━━━ Dataset entries

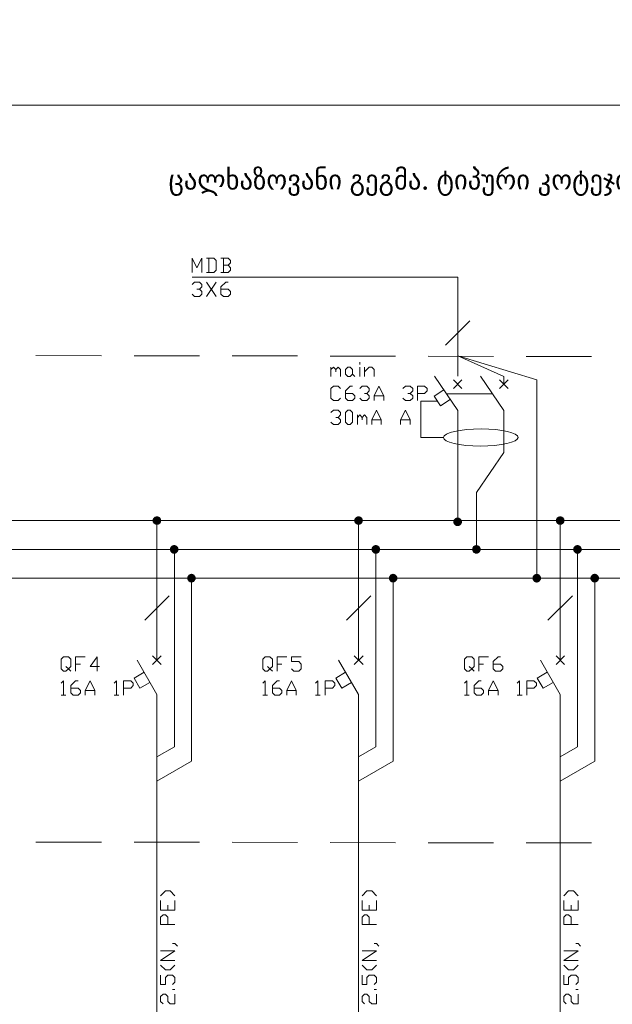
# Model space of a CAD drawing. Header units: millimetres. Extents: x 352 to 350573, y -22 to 37733.
# Tile 204 of 214: x 186088 to 196910, y 19711 to 37686. Entities that reach past the tile are written whole.
import ezdxf

# ---------------------------------------------------------------- set-up
doc = ezdxf.new("R2010")
doc.units = ezdxf.units.MM
for name, color, linetype in [('PDF _0', 1, 'Continuous'), ('PDF _Рамка1', 7, 'Continuous'), ('PDF _Схема', 7, 'Continuous'), ('PDF _Текст', 7, 'Continuous'), ('PDF _Форматка', 7, 'Continuous'), ('PDF _Элемент', 7, 'Continuous')]:
    doc.layers.add(name, color=color, linetype=linetype)
doc.styles.add('PDF Sylfaen', font='sylfaen.ttf')

msp = doc.modelspace()

# ---------------------------------------------------------------- linework, layer by layer
at = {"layer": 'PDF _0', "color": 7, "lineweight": 0}
for points in [[(194088, 32984), (194088, 31552)], [(194088, 29682), (194088, 29054)]]:
    msp.add_lwpolyline(points, dxfattribs=at)
at = {"layer": 'PDF _Рамка1', "lineweight": 0}
for points in [[(186386, 31556), (187580, 31552)], [(188177, 31552), (189370, 31548)], [(189967, 31548), (191160, 31548)], [(191757, 31544), (192950, 31544)], [(193547, 31544), (194740, 31540)], [(195532, 27478), (195532, 31110), (194088, 31552), (194927, 31170)], [(195337, 31540), (196531, 31536)], [(194927, 30550), (194927, 29786), (194430, 29054), (194430, 28004)], [(188913, 28016), (188913, 24411), (188594, 24228)], [(192592, 28016), (192592, 24411), (192278, 24228)], [(196276, 28016), (196276, 24411), (195958, 24228)], [(189227, 27490), (189227, 24153), (188594, 23787)], [(192907, 27490), (192907, 24153), (192278, 23787)], [(196590, 27490), (196590, 24153), (195958, 23787)], [(187580, 22673), (186386, 22673)], [(189370, 22669), (188177, 22669)], [(191160, 22665), (189967, 22669)], [(192950, 22661), (191757, 22665)], [(194740, 22661), (193547, 22661)], [(196531, 22657), (195337, 22657)]]:
    msp.add_lwpolyline(points, dxfattribs=at)
at = {"layer": 'PDF _Схема', "lineweight": 0}
for points in [[(194088, 32984), (189239, 32984)], [(193865, 31743), (194311, 32189)], [(191773, 31170), (191773, 31345)], [(191773, 31301), (191817, 31345), (191860, 31301), (191860, 31258)], [(191860, 31301), (191904, 31345), (191948, 31301), (191948, 31170)], [(192298, 31389), (192298, 31433)], [(192298, 31170), (192298, 31345)], [(192385, 31170), (192385, 31345)], [(192385, 31258), (192473, 31345), (192517, 31345), (192560, 31301), (192560, 31170)], [(192167, 31214), (192210, 31170)], [(191948, 30776), (191904, 30733), (191817, 30733), (191773, 30776), (191773, 30951), (191817, 30995), (191904, 30995), (191948, 30951)], [(192035, 30864), (192167, 30864), (192210, 30820), (192210, 30776), (192167, 30733), (192079, 30733), (192035, 30776), (192035, 30908), (192123, 30995), (192167, 30995)], [(192298, 30951), (192342, 30995), (192429, 30995), (192473, 30951), (192473, 30908), (192429, 30864), (192385, 30864)], [(192560, 30733), (192560, 30820), (192648, 30995), (192735, 30820), (192735, 30733)], [(193086, 30951), (193133, 30995), (193221, 30995), (193265, 30951), (193265, 30908), (193221, 30864), (193177, 30864)], [(193352, 30733), (193352, 30995), (193483, 30995), (193527, 30951), (193527, 30908), (193483, 30864), (193352, 30864)], [(192429, 30864), (192473, 30820), (192473, 30776), (192429, 30733), (192342, 30733), (192298, 30776)], [(192560, 30820), (192735, 30820)], [(193221, 30864), (193265, 30820), (193265, 30776), (193221, 30733), (193133, 30733), (193086, 30776)], [(191773, 30514), (191817, 30558), (191904, 30558), (191948, 30514), (191948, 30470), (191904, 30426), (191860, 30426)], [(192517, 30295), (192517, 30382), (192604, 30558), (192692, 30382), (192692, 30295)], [(193042, 30295), (193042, 30382), (193133, 30558), (193221, 30382), (193221, 30295)], [(191904, 30426), (191948, 30382), (191948, 30339), (191904, 30295), (191817, 30295), (191773, 30339)], [(192254, 30295), (192254, 30470)], [(192254, 30426), (192298, 30470), (192342, 30426), (192342, 30382)], [(192342, 30426), (192385, 30470), (192429, 30426), (192429, 30295)], [(192517, 30382), (192692, 30382)], [(193042, 30382), (193221, 30382)], [(175833, 28541), (213258, 28541)], [(175833, 28016), (213258, 28016)], [(175833, 27490), (213258, 27490)], [(188372, 26723), (188817, 27168)], [(192055, 26723), (192501, 27168)], [(195735, 26723), (196181, 27168)], [(186931, 25879), (186979, 25836), (186931, 25792), (186888, 25792), (186844, 25836), (186844, 26011), (186888, 26054), (186979, 26054), (187023, 26011), (187023, 25879), (186979, 25836), (187023, 25792)], [(187110, 25792), (187110, 26054), (187285, 26054)], [(187110, 25923), (187198, 25923)], [(187548, 25879), (187373, 25879), (187504, 26054), (187504, 25792)], [(190615, 25879), (190659, 25836), (190615, 25792), (190571, 25792), (190528, 25836), (190528, 26011), (190571, 26054), (190659, 26054), (190703, 26011), (190703, 25879), (190659, 25836), (190703, 25792)], [(190790, 25792), (190790, 26054), (190965, 26054)], [(190790, 25923), (190878, 25923)], [(191053, 25836), (191097, 25792), (191184, 25792), (191228, 25836), (191228, 25923), (191184, 25967), (191053, 25967), (191053, 26054), (191228, 26054)], [(194299, 25879), (194343, 25836), (194299, 25792), (194255, 25792), (194211, 25836), (194211, 26011), (194255, 26054), (194343, 26054), (194386, 26011), (194386, 25879), (194343, 25836), (194386, 25792)], [(194474, 25792), (194474, 26054), (194649, 26054)], [(194474, 25923), (194561, 25923)], [(194736, 25923), (194868, 25923), (194911, 25879), (194911, 25836), (194868, 25792), (194780, 25792), (194736, 25836), (194736, 25967), (194824, 26054), (194868, 26054)], [(186844, 25573), (186888, 25617), (186888, 25354)], [(187023, 25485), (187154, 25485), (187198, 25442), (187198, 25398), (187154, 25354), (187067, 25354), (187023, 25398), (187023, 25529), (187110, 25617), (187154, 25617)], [(187285, 25354), (187285, 25442), (187373, 25617), (187461, 25442), (187461, 25354)], [(187811, 25573), (187854, 25617), (187854, 25354)], [(187986, 25354), (187986, 25617), (188117, 25617), (188161, 25573), (188161, 25529), (188117, 25485), (187986, 25485)], [(190528, 25573), (190571, 25617), (190571, 25354)], [(190703, 25485), (190834, 25485), (190878, 25442), (190878, 25398), (190834, 25354), (190746, 25354), (190703, 25398), (190703, 25529), (190790, 25617), (190834, 25617)], [(190965, 25354), (190965, 25442), (191053, 25617), (191140, 25442), (191140, 25354)], [(191490, 25573), (191534, 25617), (191534, 25354)], [(191669, 25354), (191669, 25617), (191801, 25617), (191844, 25573), (191844, 25529), (191801, 25485), (191669, 25485)], [(194211, 25573), (194255, 25617), (194255, 25354)], [(194386, 25485), (194518, 25485), (194561, 25442), (194561, 25398), (194518, 25354), (194430, 25354), (194386, 25398), (194386, 25529), (194474, 25617), (194518, 25617)], [(194649, 25354), (194649, 25442), (194736, 25617), (194824, 25442), (194824, 25354)], [(195174, 25573), (195218, 25617), (195218, 25354)], [(195349, 25354), (195349, 25617), (195480, 25617), (195524, 25573), (195524, 25529), (195480, 25485), (195349, 25485)], [(186844, 25354), (186931, 25354)], [(187285, 25442), (187461, 25442)], [(187811, 25354), (187898, 25354)], [(190528, 25354), (190615, 25354)], [(190965, 25442), (191140, 25442)], [(191490, 25354), (191578, 25354)], [(194211, 25354), (194299, 25354)], [(194649, 25442), (194824, 25442)], [(195174, 25354), (195262, 25354)]]:
    msp.add_lwpolyline(points, dxfattribs=at)
for points in [[(192123, 31170), (192079, 31170), (192035, 31214), (192035, 31301), (192079, 31345), (192123, 31345), (192167, 31301), (192167, 31214)], [(192079, 30295), (192035, 30339), (192035, 30514), (192079, 30558), (192123, 30558), (192167, 30514), (192167, 30339), (192123, 30295)]]:
    msp.add_lwpolyline(points, close=True, dxfattribs=at)
at = {"layer": 'PDF _Текст', "lineweight": 0}
for points in [[(189239, 33072), (189239, 33334), (189326, 33159), (189414, 33334), (189414, 33072)], [(189501, 33072), (189633, 33072), (189676, 33115), (189676, 33290), (189633, 33334), (189501, 33334)], [(189545, 33334), (189545, 33072)], [(189895, 33203), (189939, 33247), (189939, 33290), (189895, 33334), (189764, 33334)], [(189808, 33334), (189808, 33072)], [(189764, 33072), (189895, 33072), (189939, 33115), (189939, 33159), (189895, 33203), (189808, 33203)], [(189239, 32853), (189282, 32897), (189370, 32897), (189414, 32853), (189414, 32809), (189370, 32765), (189326, 32765)], [(189501, 32634), (189676, 32897)], [(189501, 32897), (189676, 32634)], [(189764, 32765), (189895, 32765), (189939, 32722), (189939, 32678), (189895, 32634), (189808, 32634), (189764, 32678), (189764, 32809), (189851, 32897), (189895, 32897)], [(189370, 32765), (189414, 32722), (189414, 32678), (189370, 32634), (189282, 32634), (189239, 32678)], [(188662, 21694), (188749, 21782), (188837, 21782), (188924, 21694)], [(192342, 21694), (192429, 21782), (192517, 21782), (192604, 21694)], [(196025, 21694), (196113, 21782), (196200, 21782), (196288, 21694)], [(188924, 21607), (188924, 21432), (188662, 21432), (188662, 21607)], [(192604, 21607), (192604, 21432), (192342, 21432), (192342, 21607)], [(196288, 21607), (196288, 21432), (196025, 21432), (196025, 21607)], [(188793, 21432), (188793, 21519)], [(192473, 21432), (192473, 21519)], [(196157, 21432), (196157, 21519)], [(188924, 21169), (188662, 21169), (188662, 21300), (188706, 21344), (188749, 21344), (188793, 21300), (188793, 21169)], [(192604, 21169), (192342, 21169), (192342, 21300), (192385, 21344), (192429, 21344), (192473, 21300), (192473, 21169)], [(196288, 21169), (196025, 21169), (196025, 21300), (196069, 21344), (196113, 21344), (196157, 21300), (196157, 21169)], [(188924, 20513), (188662, 20513), (188924, 20688), (188662, 20688)], [(188881, 20819), (188924, 20819), (188968, 20775)], [(192604, 20513), (192342, 20513), (192604, 20688), (192342, 20688)], [(192560, 20819), (192604, 20819), (192648, 20775)], [(196288, 20513), (196025, 20513), (196288, 20688), (196025, 20688)], [(196244, 20819), (196288, 20819), (196332, 20775)], [(188662, 20425), (188749, 20338), (188837, 20338), (188924, 20425)], [(192342, 20425), (192429, 20338), (192517, 20338), (192604, 20425)], [(196025, 20425), (196113, 20338), (196200, 20338), (196288, 20425)], [(188881, 20071), (188924, 20115), (188924, 20203), (188881, 20246), (188793, 20246), (188749, 20203), (188749, 20071), (188662, 20071), (188662, 20246)], [(192560, 20071), (192604, 20115), (192604, 20203), (192560, 20246), (192473, 20246), (192429, 20203), (192429, 20071), (192342, 20071), (192342, 20246)], [(196244, 20071), (196288, 20115), (196288, 20203), (196244, 20246), (196157, 20246), (196113, 20203), (196113, 20071), (196025, 20071), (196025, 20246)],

━━━━━━

> [Task objective]: Scan the lines above for the word "units". Return each one that has it.

> [Reply]:
# Model space of a CAD drawing. Header units: millimetres. Extents: x 352 to 350573, y -22 to 37733.
doc.units = ezdxf.units.MM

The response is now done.